When C₄F₇N decomposes under electrical stress or during arc - quenching processes in electrical equipment, various by - products are generated. Some of these by - products, such as CF₃CN, C₂F₅CN, C₂N₂, CO, C₃F₆, COF₂, and HF, which contain CN groups, are highly toxic and corrosive. These substances pose potential threats to the health of maintenance personnel and the safety of equipment. Although the amount of by - products generated is generally small, and some have good insulation strength, the overall impact on safety needs to be carefully evaluated. In addition, due to the lack of standard gases for some decomposition products, it is currently difficult to accurately study the biological safety of C₄F₇N - based gas mixtures under operating or fault conditions, and establish a clear relationship between discharge parameters (such as partial discharge intensity, spark discharge frequency, and number of interruptions) and the acute inhalation toxicity of the gas.

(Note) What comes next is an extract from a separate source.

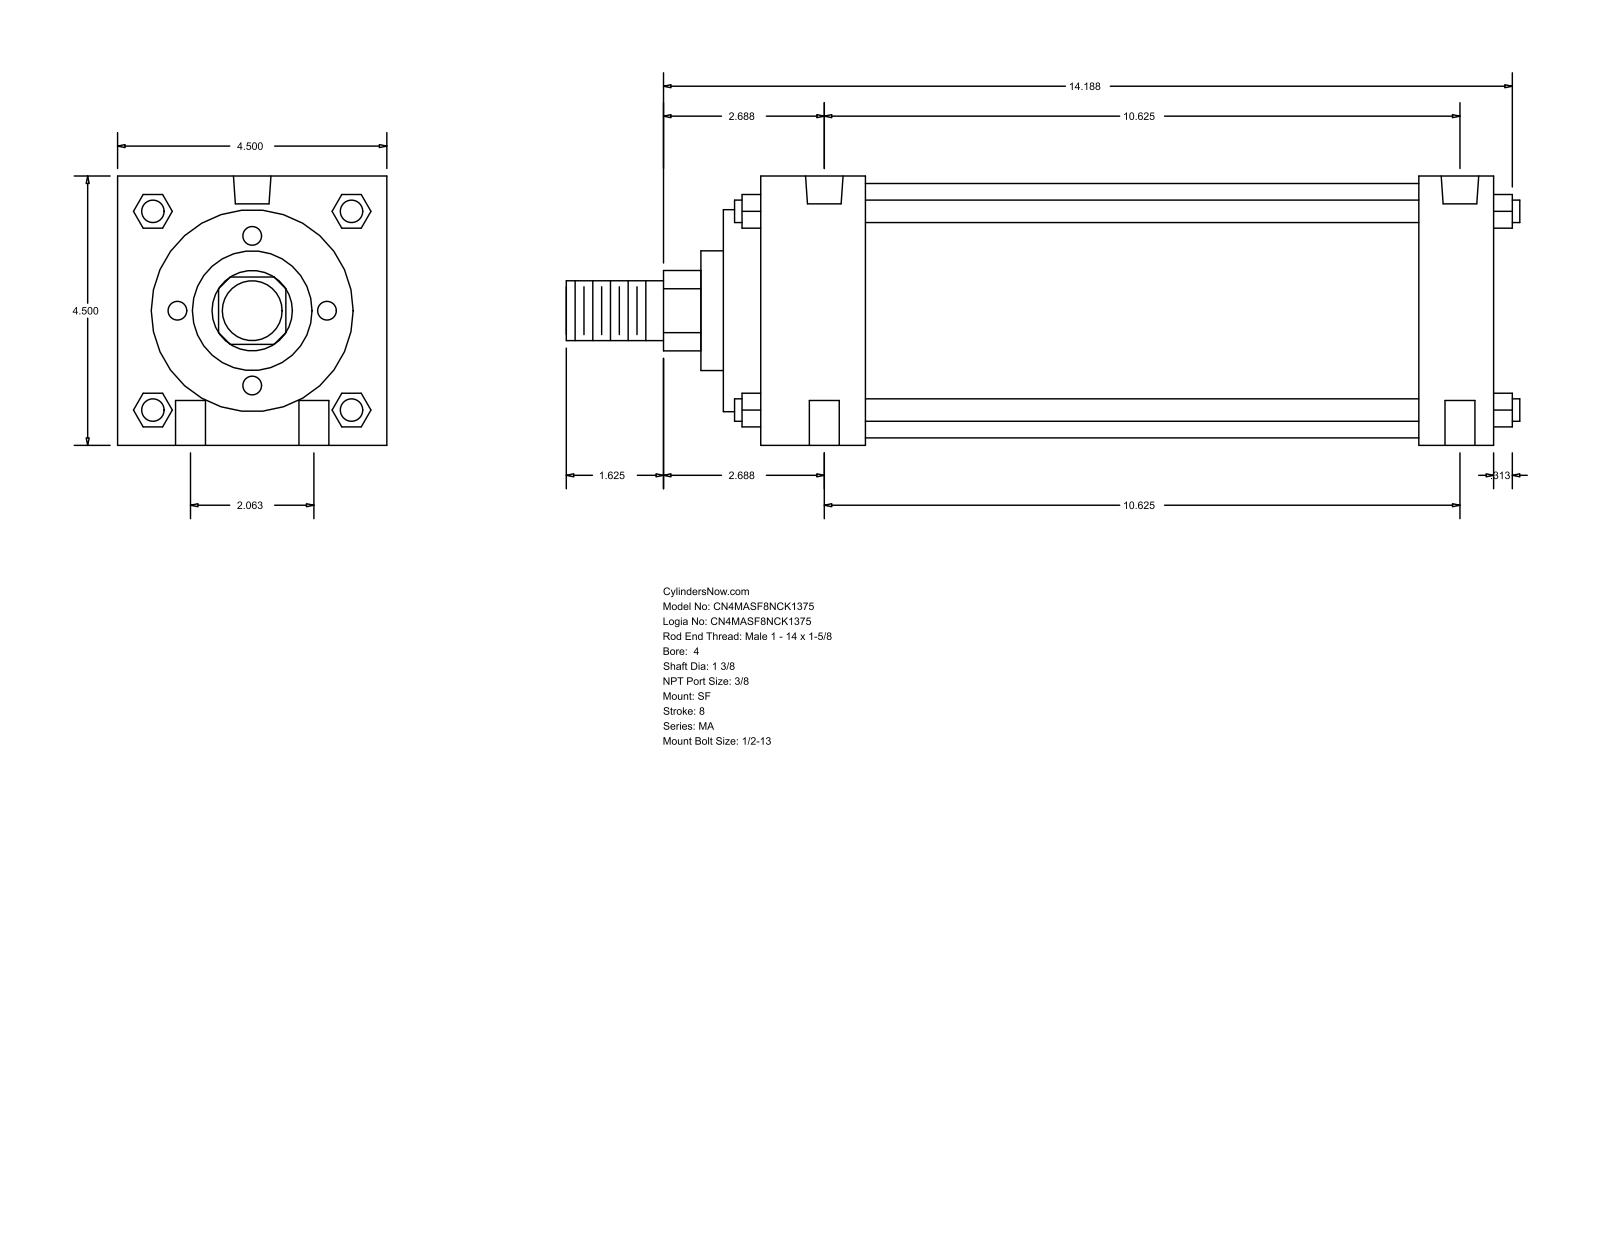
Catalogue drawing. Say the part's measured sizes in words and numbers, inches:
The part is named "MA_SF__0400_1.375". Its 3-D file was written by "GSSL Pune (CONFIG_CONTROL_DESIGN)". It is 0 solids with 126 faces: 95 planar, 31 cylindrical and 0 other. Overall it measures 15.937 by 4.5 by 4.5 inches. Round holes: 4 of diameter 0.5, 2 of diameter 0.437, 2 of diameter 0.627. Round bosses or shafts: 4 of diameter 0.375, 1 of diameter 4.25, 1 of diameter 3.375, 1 of diameter 2, 1 of diameter 1.375, 1 of diameter 1. Partial cylindrical surfaces (rounded edges, fillets, slot ends): 1 of radius 0.672. The main face-to-face distances are 4.5, 12.25, 0.625, 12.875, 11.625, 11, 1.25, 2.375, 1.75, 9.25. The hole center spacings are 1.031, 10.675, 10.625, 2.062, 10.824, 10.25.

The production and handling of C₄F₇N are currently more expensive compared to SF₆. The complex manufacturing process of C₄F₇N, as well as the need for special handling and storage due to its properties, contribute to the high cost. Additionally, since C₄F₇N often needs to be used in mixtures with buffer gases, the cost of formulating and ensuring the quality of these mixtures also adds to the overall expense. This high cost is a significant barrier to the widespread adoption of C₄F₇N - based technologies in the power industry, especially for large - scale projects where cost - effectiveness is a crucial consideration.

Despite the challenges, the future of C₄F₇N as an environmentally friendly insulating gas looks promising. With continuous research and development efforts, it is expected that solutions to the current problems will be found. For example, research into new materials that are more compatible with C₄F₇N is ongoing, which could lead to the development of more reliable and long - lasting electrical equipment. In terms of safety, further studies on the decomposition products of C₄F₇N will help in formulating more effective safety protocols and developing adsorbents or filters to remove toxic by - products. As the production scale of C₄F₇N increases, economies of scale are likely to reduce its cost, making it more competitive in the market. Overall, C₄F₇N has the potential to play a significant role in the transition towards a more sustainable and environmentally friendly power transmission and distribution system in the coming years.